My goal is to build a simple base for the top as cheap as possible. My speed bump is how its attached underneath. I'd probably make a nicer cabinet for it later on down the road, but right now I just want to have something useable so I can get started on some real projects and not spend all my time/money trying to get tools together.


----------



## Drugstore Cowboy (May 17, 2007)

There are any number of ways to attach a top - as I am sure you know.
I am just finishing a base for my new table -- and I will probably attach the top the way I typically do counter tops and table tops etc.

I pretty much always put a corner block for in each corner anyway -- so -- 
I just drill a hole through it and attach the top from underneath.

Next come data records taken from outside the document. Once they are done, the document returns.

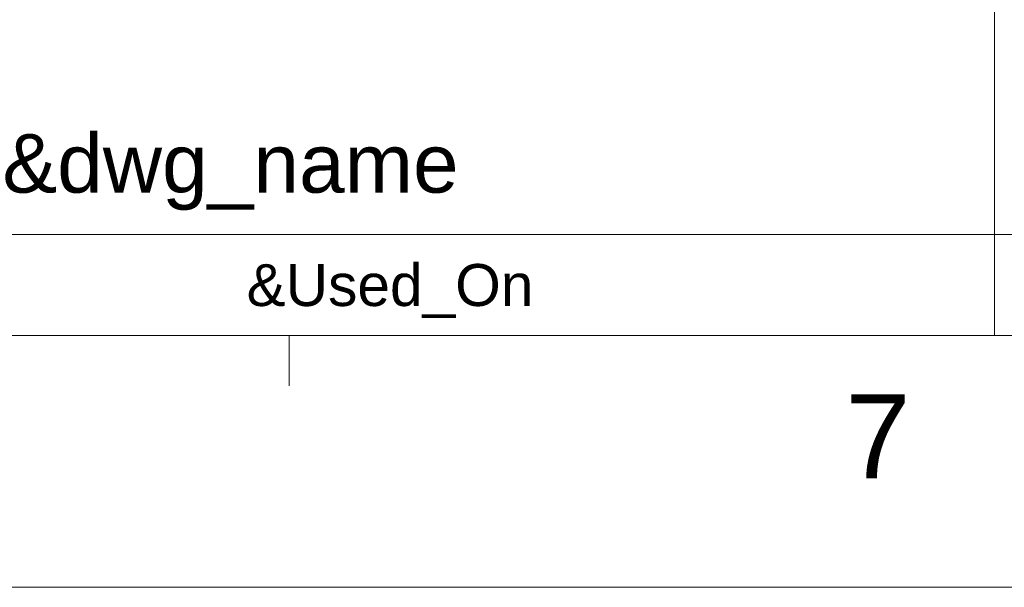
# Model space of a CAD drawing. Extents: x 1967 to 2561, y -57 to 363.
# Tile 15 of 21: x 2388 to 2447, y -57 to -23. Entities that reach past the tile are written whole.
import ezdxf
from ezdxf.enums import TextEntityAlignment as Align

# ---------------------------------------------------------------- set-up
doc = ezdxf.new("R2010")
doc.units = 0
doc.header["$LTSCALE"] = 15.367
doc.header["$MEASUREMENT"] = 0
doc.layers.get('0').update_dxf_attribs({"linetype": 'CONTINUOUS', "lineweight": 5})
doc.styles.add('TEXTSTYLE_1', font='arial.ttf')

msp = doc.modelspace()

# ---------------------------------------------------------------- linework, layer by layer
at = {"linetype": 'Continuous', "lineweight": 5}
for p, q in [((2446.511, -22.287), (2446.511, -35.787)), ((2355.511, -35.787), (2535.511, -35.787)), ((2446.511, -35.787), (2446.511, -41.787)), ((1981.511, -41.787), (2545.511, -41.787)), ((2404.511, -41.787), (2404.511, -44.787)), ((1966.511, -56.787), (2560.511, -56.787))]:
    msp.add_line(p, q, dxfattribs=at)

# ---------------------------------------------------------------- texts
at = {"linetype": 'Continuous', "lineweight": 5, "style": 'TEXTSTYLE_1'}
for s, height, p in [('&dwg_name', 3.5, (2401.011, -33.287)), ('&Used_On', 2.5, (2410.511, -40.037)), ('7', 5, (2439.574, -50.292))]:
    msp.add_text(s, height=height, dxfattribs=at).set_placement(p, align=Align.CENTER)

doc.saveas('drawing.dxf')
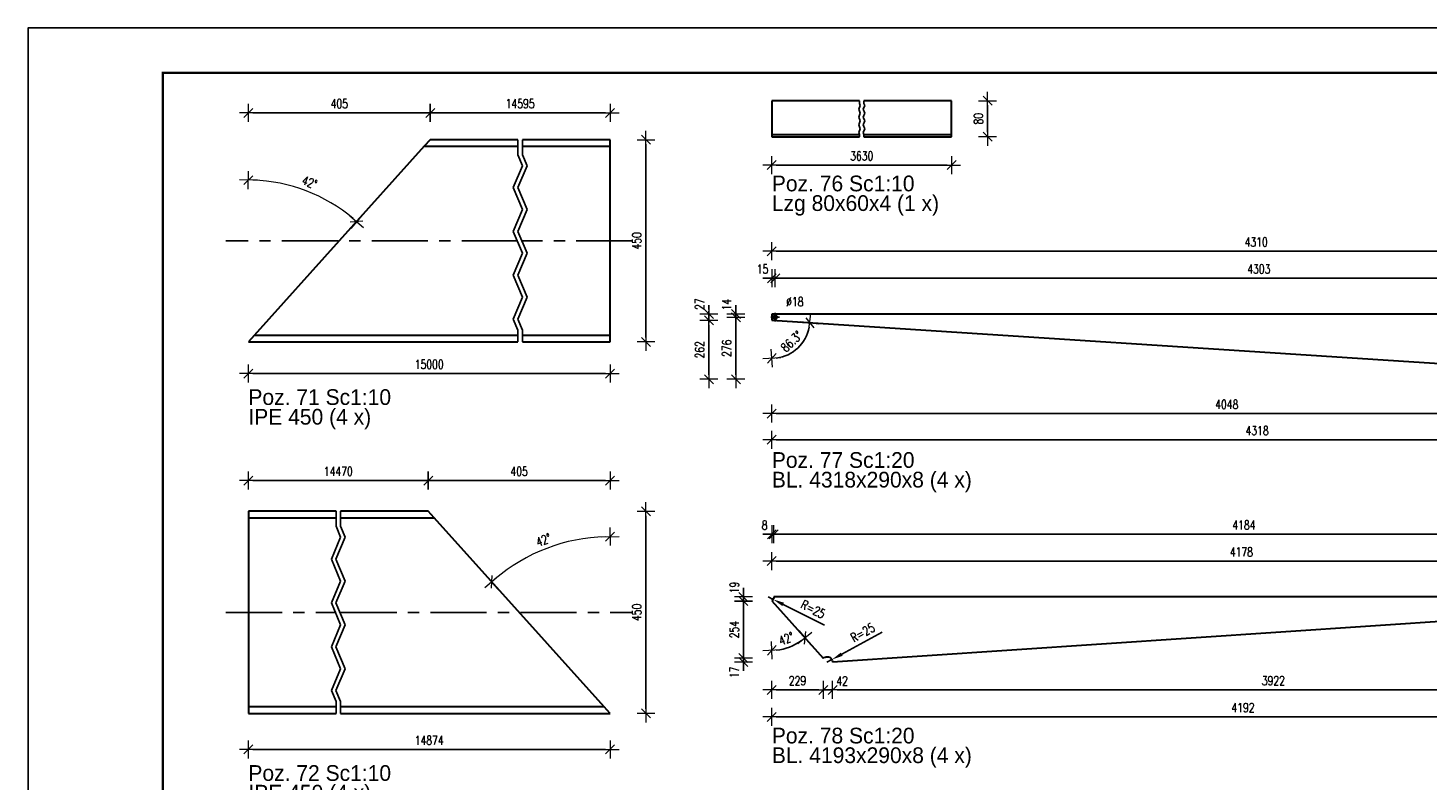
# Model space of a CAD drawing. Header units: millimetres. Extents: x 3515 to 4269, y 13087 to 13548.
# Tile 4 of 20: x 3517 to 3828, y 13352 to 13519. Entities that reach past the tile are written whole.
import ezdxf

# ---------------------------------------------------------------- set-up
doc = ezdxf.new("R2010")
doc.units = ezdxf.units.MM
doc.header["$LTSCALE"] = 10
doc.linetypes.add('MITTE', pattern=[2, 1.25, -0.25, 0.25, -0.25])
doc.layers.get('Defpoints').update_dxf_attribs({"color": 1})
doc.layers.add('_FORMATKA', color=8, linetype='Continuous', plot=False)
for name, color, linetype, lineweight in [('_RAMKA', 7, 'Continuous', 35), ('PS_DIM', 4, 'Continuous', 13), ('PS_SOLID', 7, 'Continuous', 30)]:
    doc.layers.add(name, color=color, linetype=linetype, lineweight=lineweight)
for name, color, linetype in [('PS_MID', 5, 'MITTE'), ('PS_PLATE', 1, 'Continuous'), ('PS_SHAPE', 3, 'Continuous')]:
    doc.layers.add(name, color=color, linetype=linetype)
doc.styles.add('simplex', font='simplex.shx', dxfattribs={"width": 0.75})
doc.dimstyles.new('1-10_DS1-LS10', dxfattribs={"dimtxt": 2, "dimasz": 1, "dimexe": 2, "dimexo": 5, "dimgap": 1, "dimtad": 1, "dimdec": 0, "dimlfac": 10, "dimtxsty": 'simplex', "dimblk": 'dimznak', "dimcen": 2, "dimse1": 1, "dimse2": 1, "dimclrt": 3, "dimadec": 1, "dimazin": 0, "dimtfac": 1, "dimtdec": 0, "dimtix": 1, "dimtmove": 2, "dimatfit": 3, "dimldrblk": 'dim-grot', "dimfxl": 1, "dimarcsym": 0})
doc.dimstyles.new('1_20_PRZ_DS1-LS20', dxfattribs={"dimtxt": 2, "dimasz": 1, "dimexe": 2, "dimexo": 5, "dimgap": 1, "dimtad": 1, "dimdec": 0, "dimlfac": 20, "dimtxsty": 'simplex', "dimblk": 'dimznak', "dimcen": 2, "dimse1": 1, "dimse2": 1, "dimclrd": 256, "dimclrt": 4, "dimadec": 1, "dimazin": 0, "dimtfac": 1, "dimtdec": 0, "dimtix": 1, "dimtmove": 2, "dimatfit": 3, "dimldrblk": 'dim-grot', "dimfxl": 1, "dimarcsym": 0})
doc.dimstyles.new('średnice', dxfattribs={"dimtxt": 2, "dimasz": 2.5, "dimexe": 1, "dimexo": 1, "dimgap": 1, "dimtad": 1, "dimdec": 0, "dimlfac": 10, "dimtxsty": 'simplex', "dimcen": 2, "dimclrd": 256, "dimclre": 256, "dimclrt": 3, "dimadec": 1, "dimazin": 0, "dimtfac": 1, "dimtdec": 0, "dimtix": 1, "dimtmove": 1, "dimatfit": 0, "dimfxl": 1, "dimarcsym": 0})

# ---------------------------------------------------------------- blocks, each defined once
blk = doc.blocks.new('dim-grot')
blk.add_hatch(color=256).paths.add_polyline_path([(0, 0), (-2, 0.5), (-2, -0.5)])
blk.add_lwpolyline([(0, 0), (-2, 0.5), (-2, -0.5), (0, 0)])
blk = doc.blocks.new('dimznak')
at = {"color": 0}
for points in [[(-2, 0), (2, 0)], [(0, 2), (0, -2)]]:
    blk.add_lwpolyline(points, dxfattribs=at)
at = {"color": 2}
blk.add_lwpolyline([(1, 1), (-1, -1)], dxfattribs=at)
blk = doc.blocks.new('*D351')
at = {"layer": 'Defpoints', "color": 0, "transparency": 16777216}
for p in [(3682.46, 13454.36), (3682.46, 13449.26), (3686.53, 13446.95), (3884.86, 13441.25)]:
    blk.add_point(p, dxfattribs=at)
at = {"layer": 'PS_DIM', "lineweight": -2, "transparency": 16777216}
blk.add_arc((3682.46, 13454.36), 8.46, 276.7802, 349.5145, dxfattribs=at)
for p, rotation in [((3690.9, 13453.81), 82.9045682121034), ((3682.46, 13445.9), 183.3900964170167)]:
    blk.add_blockref('dimznak', p, dxfattribs=dict(at, rotation=rotation))
at = {"layer": 'PS_DIM', "color": 4, "transparency": 16777216, "insert": (3686.87, 13449.65), "char_height": 2, "attachment_point": 5, "rotation": 43.1473, "style": 'simplex'}
blk.add_mtext('86.3%%d', dxfattribs=at)
blk = doc.blocks.new('*D355')
at = {"layer": 'Defpoints', "color": 0, "transparency": 16777216}
for p in [(3683.21, 13463.73), (3682.46, 13455.73), (3683.21, 13455.03)]:
    blk.add_point(p, dxfattribs=at)
at = {"layer": 'PS_DIM', "lineweight": -2, "transparency": 16777216}
for p, q in [((3681.46, 13463.73), (3680.46, 13463.73)), ((3682.46, 13463.73), (3683.21, 13463.73)), ((3684.21, 13463.73), (3685.21, 13463.73))]:
    blk.add_line(p, q, dxfattribs=at)
blk.add_blockref('dimznak', (3682.46, 13463.73), dxfattribs=at)
at = {"layer": 'PS_DIM', "lineweight": -2, "transparency": 16777216, "rotation": 180}
blk.add_blockref('dimznak', (3683.21, 13463.73), dxfattribs=at)
at = {"layer": 'PS_DIM', "color": 4, "transparency": 16777216, "insert": (3680.39, 13465.77), "char_height": 2, "attachment_point": 5, "style": 'simplex'}
blk.add_mtext('15', dxfattribs=at)
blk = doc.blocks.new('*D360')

Pocket screws seem to be hot right now -- so I am sure some folks will give you suggestions on that too -- 

Pretty much any way you do it that doesnt involve drilling a hole in the top -- to me -- would be preferable.


----------



## Woodnut65 (Oct 11, 2004)

Hi Joboo: I have the Oak Park table, it has small furniture connectors that hold everything together. It makes it easy to knock down and use else where. The table top is 3/4" thick. It is very stable. The rest is made of 1/2" baltic birch. Oak Park sells the furniture connectors, they are not expensive. You might consider using triangular pieces in the cabinet corners and secure the top with screws in the corners, making sure they are short enough to not come through the top. hope this helps.. 
Woodnut65


----------



## J0B00 (Aug 22, 2007)

Woodnut:

Did you build the table yourself, or get it premade?? If you made it yourself, what tools were required? When you say it breaks down easy, do you mean you can take the whole table apart, or do you mean its easy to remove the top?

Thanks for the help guys!

Andy


----------



## Bob N (Oct 12, 2004)

Andy,

It means both. The OP unit is one very well thought out table and cabinet.



J0B00 said:


> Woodnut:
> 
> Did you build the table yourself, or get it premade?? If you made it yourself, what tools were required? When you say it breaks down easy, do you mean you can take the whole table apart, or do you mean its easy to remove the top?
> 
> ...


----------



## harrysin (Jan 15, 2007)

As stated, there are many ways to attach table tops, this is the one that I use which allows for seasonal movement of the timber. The only preparation is a 1/8" routed groove as shown.


----------



## J0B00 (Aug 22, 2007)

I might just save up for the completed Oak Park table. All I've got is a table saw and a router right now, which is enough for me to make small boxes and a few other projects that I want to do to get started. I really need a better router solution though and I know it would be worth it to get a nice table, as well as a good router.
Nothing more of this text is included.